# DAKOTA DECOYS



## snowgoosekilla1 (May 6, 2012)

Do Dakota decoys yellow? I have heard that the old ones yellow, but I want to know if the new EVA plastic ones do?


----------



## clint_hay (Aug 25, 2010)

ive never heard of any DD's turning yellow


----------



## Brotsky (Mar 4, 2009)

They don't turn yellow but they will rub on each other and the paint will come off making each one shine like a mirror. If you like painting your decoys every year then Dakotas are for you.


----------



## clint_hay (Aug 25, 2010)

the new EVA plastic decoys are bullet proof! i would say more durable than a BF


----------



## fieldgeneral (Feb 12, 2013)

I hate to say this, but I am pry going to have to agree there.
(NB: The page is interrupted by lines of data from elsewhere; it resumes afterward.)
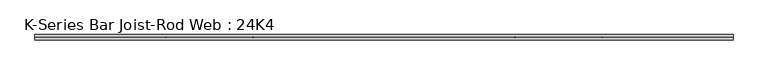
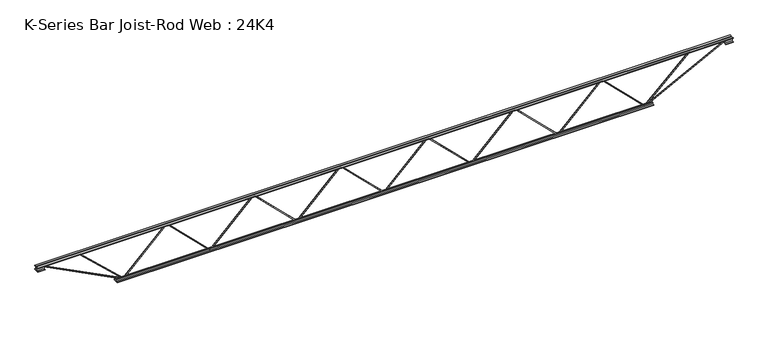
"""IFC4 building model written with IfcOpenShell, lengths in millimetres: beam geometry, K-Series Bar Joist-Rod Web : 24K4."""

from ifc_helpers import new_model, si_unit, frame, origin, place, context, project, spatial, polyline, outline, extrude, source, transform, mapped, element, save


def k_series_bar_joist_rod_web_24k4_b54f82ce(model_context):
    return source(origin(), model_context, "Body", "SweptSolid", [
        extrude(outline(polyline([(-293.6875, 1223.645), (-303.2125, 1223.645), (-303.2125, 1228.7733784), (293.6875, 1834.0077534), (293.6875, 1836.4509966), (-303.2125, 2441.6853716), (-303.2125, 2446.81375), (-293.6875, 2446.81375), (-293.6875, 2445.5921284), (303.2125, 1840.3577534), (303.2125, 1830.1009966), (-293.6875, 1224.8666216), (-293.6875, 1223.645)])), frame((0.0, -4.7625, 0.0), z_axis=(0.0, 1.0, 0.0), x_axis=(0.0, 0.0, 1.0)), (0.0, 0.0, 1.0), 9.525),
        extrude(outline(polyline([(-293.6875, 0.15875), (-303.2125, 0.15875), (-303.2125, 5.2871284), (293.6875, 610.5215034), (293.6875, 612.9647466), (-303.2125, 1218.1991216), (-303.2125, 1223.3275), (-293.6875, 1223.3275), (-293.6875, 1222.1058784), (303.2125, 616.8715034), (303.2125, 606.6147466), (-293.6875, 1.3803716), (-293.6875, 0.15875)])), frame((0.0, -4.7625, 0.0), z_axis=(0.0, 1.0, 0.0), x_axis=(0.0, 0.0, 1.0)), (0.0, 0.0, 1.0), 9.525),
        extrude(outline(polyline([(-293.6875, -1223.3275), (-303.2125, -1223.3275), (-303.2125, -1218.1991216), (293.6875, -612.9647466), (293.6875, -610.5215034), (-303.2125, -5.2871284), (-303.2125, -0.15875), (-293.6875, -0.15875), (-293.6875, -1.3803716), (303.2125, -606.6147466), (303.2125, -616.8715034), (-293.6875, -1222.1058784), (-293.6875, -1223.3275)])), frame((0.0, -4.7625, 0.0), z_axis=(0.0, 1.0, 0.0), x_axis=(0.0, 0.0, 1.0)), (0.0, 0.0, 1.0), 9.525),
        extrude(outline(polyline([(-293.6875, -2446.81375), (-303.2125, -2446.81375), (-303.2125, -2441.6853716), (293.6875, -1836.4509966), (293.6875, -1834.0077534), (-303.2125, -1228.7733784), (-303.2125, -1223.645), (-293.6875, -1223.645), (-293.6875, -1224.8666216), (303.2125, -1830.1009966), (303.2125, -1840.3577534), (-293.6875, -2445.5921284), (-293.6875, -2446.81375)])), frame((0.0, -4.7625, 0.0), z_axis=(0.0, 1.0, 0.0), x_axis=(0.0, 0.0, 1.0)), (0.0, 0.0, 1.0), 9.525),
        extrude(outline(polyline([(-293.6875, 2447.13125), (-303.2125, 2447.13125), (-303.2125, 2452.2596284), (293.6875, 3057.4940034), (293.6875, 3059.9372466), (-303.2125, 3665.1716216), (-303.2125, 3670.3), (-293.6875, 3670.3), (-293.6875, 3669.0783784), (303.2125, 3063.8440034), (303.2125, 3053.5872466), (-293.6875, 2448.3528716), (-293.6875, 2447.13125)])), frame((0.0, -4.7625, 0.0), z_axis=(0.0, 1.0, 0.0), x_axis=(0.0, 0.0, 1.0)), (0.0, 0.0, 1.0), 9.525),
        extrude(outline(polyline([(-293.6875, -3670.3), (-303.2125, -3670.3), (-303.2125, -3665.1716216), (293.6875, -3059.9372466), (293.6875, -3057.4940034), (-303.2125, -2452.2596284), (-303.2125, -2447.13125), (-293.6875, -2447.13125), (-293.6875, -2448.3528716), (303.2125, -3053.5872466), (303.2125, -3063.8440034), (-293.6875, -3669.0783784), (-293.6875, -3670.3)])), frame((0.0, -4.7625, 0.0), z_axis=(0.0, 1.0, 0.0), x_axis=(0.0, 0.0, 1.0)), (0.0, 0.0, 1.0), 9.525),
        extrude(outline(polyline([(4.7625, 304.8), (36.5125, 304.8), (36.5125, 298.45), (11.1125, 298.45), (11.1125, 273.05), (4.7625, 273.05), (4.7625, 304.8)])), frame((-4889.5, 0.0, 0.0), z_axis=(1.0, 0.0, 0.0), x_axis=(0.0, 1.0, 0.0)), (0.0, 0.0, 1.0), 9779.0),
        extrude(outline(polyline([(-4.7625, 304.8), (-4.7625, 273.05), (-11.1125, 273.05), (-11.1125, 298.45), (-36.5125, 298.45), (-36.5125, 304.8), (-4.7625, 304.8)])), frame((-4889.5, 0.0, 0.0), z_axis=(1.0, 0.0, 0.0), x_axis=(0.0, 1.0, 0.0)), (0.0, 0.0, 1.0), 9779.0),
        extrude(outline(polyline([(-4.7625, 241.3), (-36.5125, 241.3), (-36.5125, 247.65), (-11.1125, 247.65), (-11.1125, 273.05), (-4.7625, 273.05), (-4.7625, 241.3)])), frame((-4889.5, 0.0, 0.0), z_axis=(1.0, 0.0, 0.0), x_axis=(0.0, 1.0, 0.0)), (0.0, 0.0, 1.0), 101.6),
        extrude(outline(polyline([(36.5125, 241.3), (4.7625, 241.3), (4.7625, 273.05), (11.1125, 273.05), (11.1125, 247.65), (36.5125, 247.65), (36.5125, 241.3)])), frame((-4889.5, 0.0, 0.0), z_axis=(1.0, 0.0, 0.0), x_axis=(0.0, 1.0, 0.0)), (0.0, 0.0, 1.0), 101.6),
        extrude(outline(polyline([(4.7625, 241.3), (4.7625, 273.05), (11.1125, 273.05), (11.1125, 247.65), (36.5125, 247.65), (36.5125, 241.3), (4.7625, 241.3)])), frame((4787.9, 0.0, 0.0), z_axis=(1.0, 0.0, 0.0), x_axis=(0.0, 1.0, 0.0)), (0.0, 0.0, 1.0), 101.6),
        extrude(outline(polyline([(-4.7625, 241.3), (-36.5125, 241.3), (-36.5125, 247.65), (-11.1125, 247.65), (-11.1125, 273.05), (-4.7625, 273.05), (-4.7625, 241.3)])), frame((4787.9, 0.0, 0.0), z_axis=(1.0, 0.0, 0.0), x_axis=(0.0, 1.0, 0.0)), (0.0, 0.0, 1.0), 101.6),
        extrude(outline(polyline([(4.7625, -304.8), (4.7625, -273.05), (11.1125, -273.05), (11.1125, -298.45), (36.5125, -298.45), (36.5125, -304.8), (4.7625, -304.8)])), frame((-3771.9, 0.0, 0.0), z_axis=(1.0, 0.0, 0.0), x_axis=(0.0, 1.0, 0.0)), (0.0, 0.0, 1.0), 7543.8),
        extrude(outline(polyline([(-4.7625, -304.8), (-36.5125, -304.8), (-36.5125, -298.45), (-11.1125, -298.45), (-11.1125, -273.05), (-4.7625, -273.05), (-4.7625, -304.8)])), frame((-3771.9, 0.0, 0.0), z_axis=(1.0, 0.0, 0.0), x_axis=(0.0, 1.0, 0.0)), (0.0, 0.0, 1.0), 7543.8),
        extrude(outline(polyline([(0.0, -9.525), (0.0, 0.0), (1255.2457966, 0.0), (1255.2457966, -9.525), (0.0, -9.525)])), frame((-4790.0683154, 4.7625, 268.8097388), z_axis=(0.4552893158665215, 0.0, 0.8903435510283628), x_axis=(0.8903435510283628, 0.0, -0.4552893158665215)), (0.0, 0.0, 1.0), 9.525),
        extrude(outline(polyline([(0.0, -9.525), (0.0, 0.0), (837.0470105, 0.0), (837.0470105, -9.525), (0.0, -9.525)])), frame((-4285.1360069, 4.7625, 269.5703023), z_axis=(0.6827573515565594, 0.0, 0.7306451935758373), x_axis=(0.7306451935758373, 0.0, -0.6827573515565594)), (0.0, 0.0, 1.0), 9.525),
        extrude(outline(polyline([(0.0, -9.525), (0.0, 0.0), (1255.2457966, 0.0), (1255.2457966, -9.525), (0.0, -9.525)])), frame((4790.0683154, -4.7625, 268.8097388), z_axis=(-0.455289315866513, 0.0, 0.8903435510283672), x_axis=(-0.8903435510283672, 0.0, -0.455289315866513)), (0.0, 0.0, 1.0), 9.525),
        extrude(outline(polyline([(0.0, -9.525), (0.0, 0.0), (837.0470105, 0.0), (837.0470105, -9.525), (0.0, -9.525)])), frame((4285.1360069, -4.7625, 269.5703023), z_axis=(-0.6827573515565561, 0.0, 0.7306451935758403), x_axis=(-0.7306451935758403, 0.0, -0.6827573515565561)), (0.0, 0.0, 1.0), 9.525),
    ])


if __name__ == "__main__":
    model = new_model("IFC4")
    model_context = context("Model", 3, world=origin())
    ifc_project = project(units=[si_unit("LENGTHUNIT", "METRE", prefix="MILLI")], contexts=[model_context])
    site = spatial("IfcSite", under=ifc_project)
    building = spatial("IfcBuilding", under=site)
    placement = place(None, origin())
    k_series_bar_joist_rod_web_24k4_shape = k_series_bar_joist_rod_web_24k4_b54f82ce(model_context)
    element("IfcBeam", 1, ObjectType="K-Series Bar Joist-Rod Web : 24K4", at=placement, inside=building, context=model_context, shape_type="MappedRepresentation", body=[
        mapped(k_series_bar_joist_rod_web_24k4_shape, transform((0.0, 0.0, 0.0), x_axis=(1.0, 0.0, 0.0), y_axis=(0.0, 1.0, 0.0), z_axis=(0.0, 0.0, 1.0))),
    ])
    save(model, "model.ifc")

# Revit data of these elements
# Type "K-Series Bar Joist-Rod Web : 24K4"
#   Assembly Code = "B1010350"
#   Wt = 8.4
#   Web Thickness = 9.525 mm
#   Start Offset [instance default] = 0 mm
#   Start Extension [instance default] = 0 mm
#   Seat Length = 101.6 mm
#   Seat Depth = 63.5 mm
#   PanelArrayLength [instance default] = 4876.8 mm
#   Panel [instance default] = 1219.2 mm
#   End Offset [instance default] = 0 mm
#   End Extension [instance default] = 0 mm
#   End Panel = 1219.2 mm
#   Cord Leg = 31.75 mm
#   Chord Thickness = 6.35 mm
#   Length [instance default] = 7315.2 mm
#   Depth = 609.6 mm
#   PanelArrayNum [instance default] = 4
#   Structural Material = Steel ASTM A500, Grade C, Round
# Element 1 (IfcBeam, "K-Series Bar Joist-Rod Web : 24K4")
#   PanelArrayLength = 7339.013 mm
#   Panel = 1223.169 mm
#   PanelArrayNum = 6
#   Materials on its faces: "Steel ASTM A500, Grade C, Round"
# Materials
#   "Steel ASTM A500, Grade C, Round": class "Metal", colour RGB 202 101 0, transparency 0, Description = "Carbon steel", Cost = 0
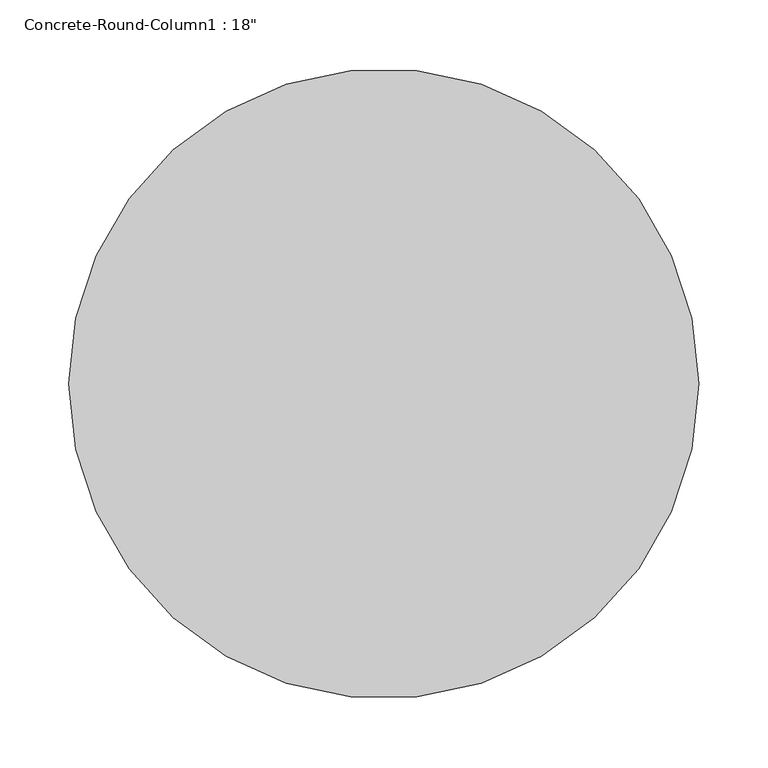
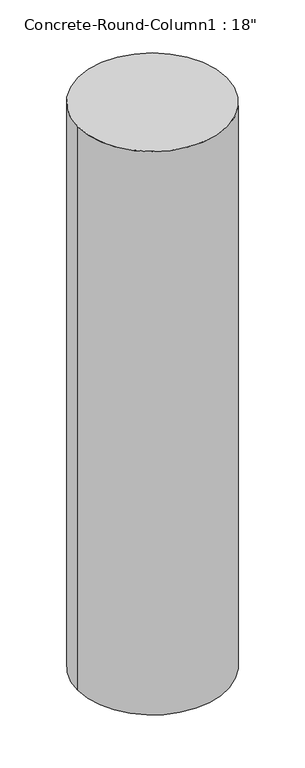
"""IFC4 building model written with IfcOpenShell, lengths in millimetres: column geometry."""

from ifc_helpers import new_model, si_unit, point, frame, origin, origin_2d, place, context, project, spatial, circle_curve, trimmed, segment, composite_curve, outline, extrude, source, transform, mapped, element, save


def column_5a4f3ead(model_context):
    return source(origin(), model_context, "Body", "SweptSolid", [
        extrude(outline(composite_curve([segment(trimmed(circle_curve(origin_2d(), 228.6), [point((-228.6, 0.0))], [point((228.6, 0.0))], False, "CARTESIAN"), True, "CONTINUOUS"), segment(trimmed(circle_curve(origin_2d(), 228.6), [point((228.6, 0.0))], [point((-228.6, 0.0))], False, "CARTESIAN"), True, "CONTINUOUS")], self_intersect=False)), frame((0.0, 0.0, -1219.2), z_axis=(0.0, 0.0, 1.0), x_axis=(1.0, 0.0, 0.0)), (0.0, 0.0, 1.0), 1828.8),
    ])


if __name__ == "__main__":
    model = new_model("IFC4")
    model_context = context("Model", 3, world=origin())
    ifc_project = project(units=[si_unit("LENGTHUNIT", "METRE", prefix="MILLI")], contexts=[model_context])
    site = spatial("IfcSite", under=ifc_project)
    building = spatial("IfcBuilding", under=site)
    placement = place(None, origin())
    column_shape = column_5a4f3ead(model_context)
    element("IfcColumn", 1, ObjectType="Concrete-Round-Column1 : 18\"", at=placement, inside=building, context=model_context, shape_type="MappedRepresentation", body=[
        mapped(column_shape, transform((0.0, 0.0, 0.0), x_axis=(1.0, 0.0, 0.0), y_axis=(0.0, 1.0, 0.0), z_axis=(0.0, 0.0, 1.0))),
    ])
    save(model, "model.ifc")

# Revit data of these elements
# Type "Concrete-Round-Column1 : 18\""
#   Assembly Code = "B10"
#   b = 1' - 6"
#   Column Material [instance default] = Concrete - Cast-in-Place Concrete
# Element 1 (IfcColumn, "Concrete-Round-Column1 : 18\"")
#   Materials on its faces: "Concrete - Cast-in-Place Concrete"
# Materials
#   "Concrete - Cast-in-Place Concrete": class "Concrete", colour RGB 192 192 192, transparency 0
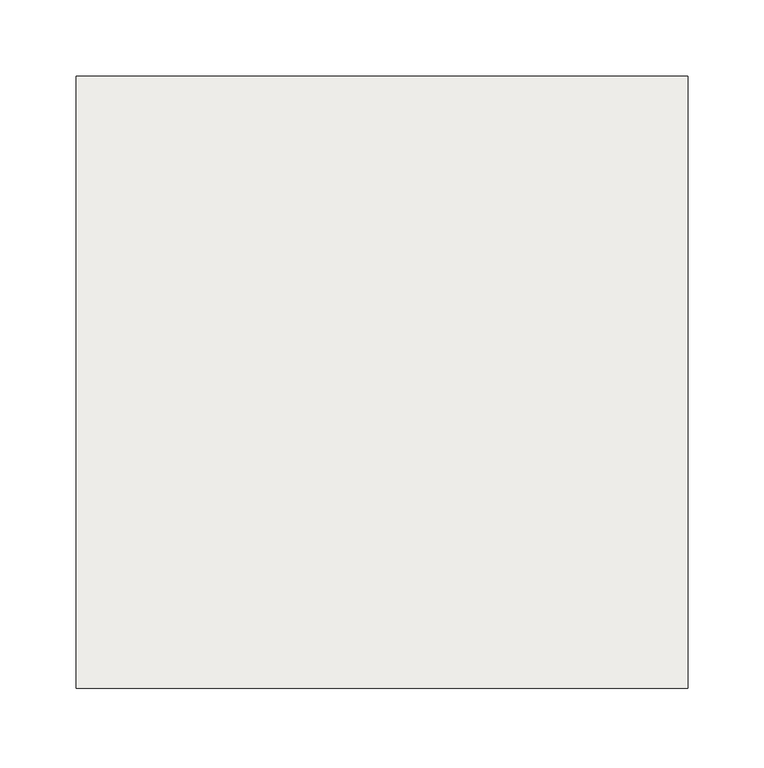
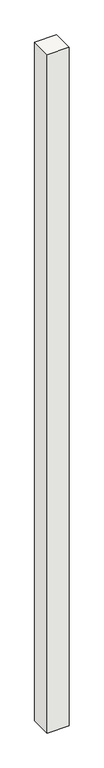
"""IFC4 building model written with IfcOpenShell, lengths in millimetres: slab geometry, NLRS_17_SFO_TLB_funderingspaal geheid beton prefab-AV-MMBPC_gen_rsf : heipaal beton prefab_gen__bxh 400x400."""

from ifc_helpers import new_model, si_unit, frame, origin, place, context, project, spatial, polyline, outline, extrude, source, transform, mapped, element, save


def slab_443494b9(model_context):
    return source(origin(), model_context, "Body", "SweptSolid", [
        extrude(outline(polyline([(200.0, -200.0), (-200.0, -200.0), (-200.0, 200.0), (200.0, 200.0), (200.0, -200.0)])), frame((0.0, 0.0, -20000.0), z_axis=(0.0, 0.0, 1.0), x_axis=(1.0, 0.0, 0.0)), (0.0, 0.0, 1.0), 13220.0),
    ])


if __name__ == "__main__":
    model = new_model("IFC4")
    model_context = context("Model", 3, world=origin())
    ifc_project = project(units=[si_unit("LENGTHUNIT", "METRE", prefix="MILLI")], contexts=[model_context])
    site = spatial("IfcSite", under=ifc_project)
    building = spatial("IfcBuilding", under=site)
    placement = place(None, origin())
    slab_shape = slab_443494b9(model_context)
    element("IfcSlab", 1, ObjectType="NLRS_17_SFO_TLB_funderingspaal geheid beton prefab-AV-MMBPC_gen_rsf : heipaal beton prefab_gen__bxh 400x400", at=placement, inside=building, context=model_context, shape_type="MappedRepresentation", body=[
        mapped(slab_shape, transform((0.0, 0.0, 0.0), x_axis=(1.0, 0.0, 0.0), y_axis=(0.0, 1.0, 0.0), z_axis=(0.0, 0.0, 1.0))),
    ])
    save(model, "model.ifc")

# Revit data of these elements
# Type "NLRS_17_SFO_TLB_funderingspaal geheid beton prefab-AV-MMBPC_gen_rsf : heipaal beton prefab_gen__bxh 400x400"
#   Export Type to IFC As = "IfcPile"
#   Type IfcGUID = "10$Kfo5uPCAOPJEOo5LE_W"
#   Type Comments = "prefab heipaal 400x400"
#   Model = " "
#   Manufacturer = " "
#   Description = "prefab heipaal 400x400"
#   Assembly Code = "17.21"
#   Width = 400 mm
#   Slanted Angle [instance default] = 0.00°
#   NLRS_S_draagvermogen_trek [instance default] = 0.00 kN
#   NLRS_S_draagvermogen_druk [instance default] = 0.00 kN
#   NLRS_C_lengte [instance default] = 1660 mm
#   NLRS_C_hoogte = 400 mm
#   NLRS_C_breedte = 400 mm
#   Height [instance default] = 1660 mm
#   Length [instance default] = 1660 mm
#   Angle [instance default] = 0.00°
#   Slanted [instance default] = 0
#   Structural Material = NLRS_f2_beton prefab_gen_rsf
#   Keynote = ""
# Element 1 (IfcSlab, "NLRS_17_SFO_TLB_funderingspaal geheid beton prefab-AV-MMBPC_gen_rsf : heipaal beton prefab_gen__bxh 400x400")
#   NLRS_C_lengte = 13220 mm
#   Height = 13220 mm
#   Length = 13220 mm
#   Materials on its faces: "NLRS_f2_beton prefab_gen_rsf"
# Materials
#   "NLRS_f2_beton prefab_gen_rsf": class "F - Niet gebakken kunststeen", colour RGB 129 133 118, transparency 0, Keynote = "f2", Manufacturer = "Revit Standards Foundation", URL = "www.revitstandards.org", Description = "beton prefab", Cost = 0
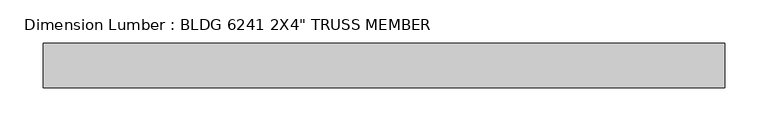
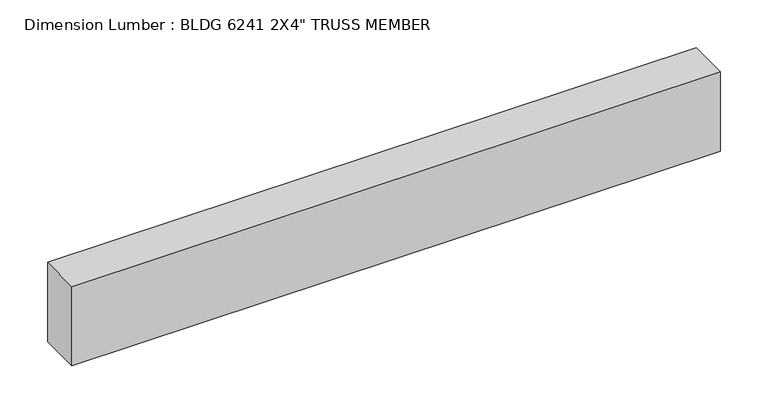
"""IFC4 building model written with IfcOpenShell, lengths in millimetres: beam geometry."""

from ifc_helpers import new_model, si_unit, frame, origin, place, context, project, spatial, polyline, outline, extrude, source, transform, mapped, element, save


def beam_ce158ae4(model_context):
    return source(origin(), model_context, "Body", "SweptSolid", [
        extrude(outline(polyline([(392.1124994, 25.4), (392.1124994, -25.4), (-392.1125, -25.4), (-392.1125, 25.4), (392.1124994, 25.4)])), frame((0.0, 0.0, -50.8), z_axis=(0.0, 0.0, 1.0), x_axis=(1.0, 0.0, 0.0)), (0.0, 0.0, 1.0), 101.6),
    ])


if __name__ == "__main__":
    model = new_model("IFC4")
    model_context = context("Model", 3, world=origin())
    ifc_project = project(units=[si_unit("LENGTHUNIT", "METRE", prefix="MILLI")], contexts=[model_context])
    site = spatial("IfcSite", under=ifc_project)
    building = spatial("IfcBuilding", under=site)
    placement = place(None, origin())
    beam_shape = beam_ce158ae4(model_context)
    element("IfcBeam", 1, ObjectType="Dimension Lumber : BLDG 6241 2X4\" TRUSS MEMBER", at=placement, inside=building, context=model_context, shape_type="MappedRepresentation", body=[
        mapped(beam_shape, transform((0.0, 0.0, 0.0), x_axis=(1.0, 0.0, 0.0), y_axis=(0.0, 1.0, 0.0), z_axis=(0.0, 0.0, 1.0))),
    ])
    save(model, "model.ifc")

# Revit data of these elements
# Type "Dimension Lumber : BLDG 6241 2X4\" TRUSS MEMBER"
#   Assembly Code = "B10"
#   A = 0.273472 SF
#   Length [instance default] = 5' - 0"
#   b = 0' - 2"
#   d = 0' - 4"
#   Structural Material [instance default] = Softwood, Lumber
# Element 1 (IfcBeam, "Dimension Lumber : BLDG 6241 2X4\" TRUSS MEMBER")
#   Materials on its faces: "Softwood, Lumber"
# Materials
#   "Softwood, Lumber": class "Wood", colour RGB 223 192 134, transparency 0, Description = "Pinus Echinata", Cost = 0

I have run BF's forever but bought two dozen lesser DD's with the eva plastic and they are very nice. Bodies are just like BF's when it comes to the plastic and with the permanent, if you want to bases, are nice for a little movement. One piece design and you can toss them in the trailer and nothing falls apart because they are one piece. Very very nice decoy so we will see how they hold up in the trailer thru a season of the grind.


----------



## SDMAN (Mar 8, 2014)

clint_hay said:


> ive never heard of any DD's turning yellow


I have not either.


----------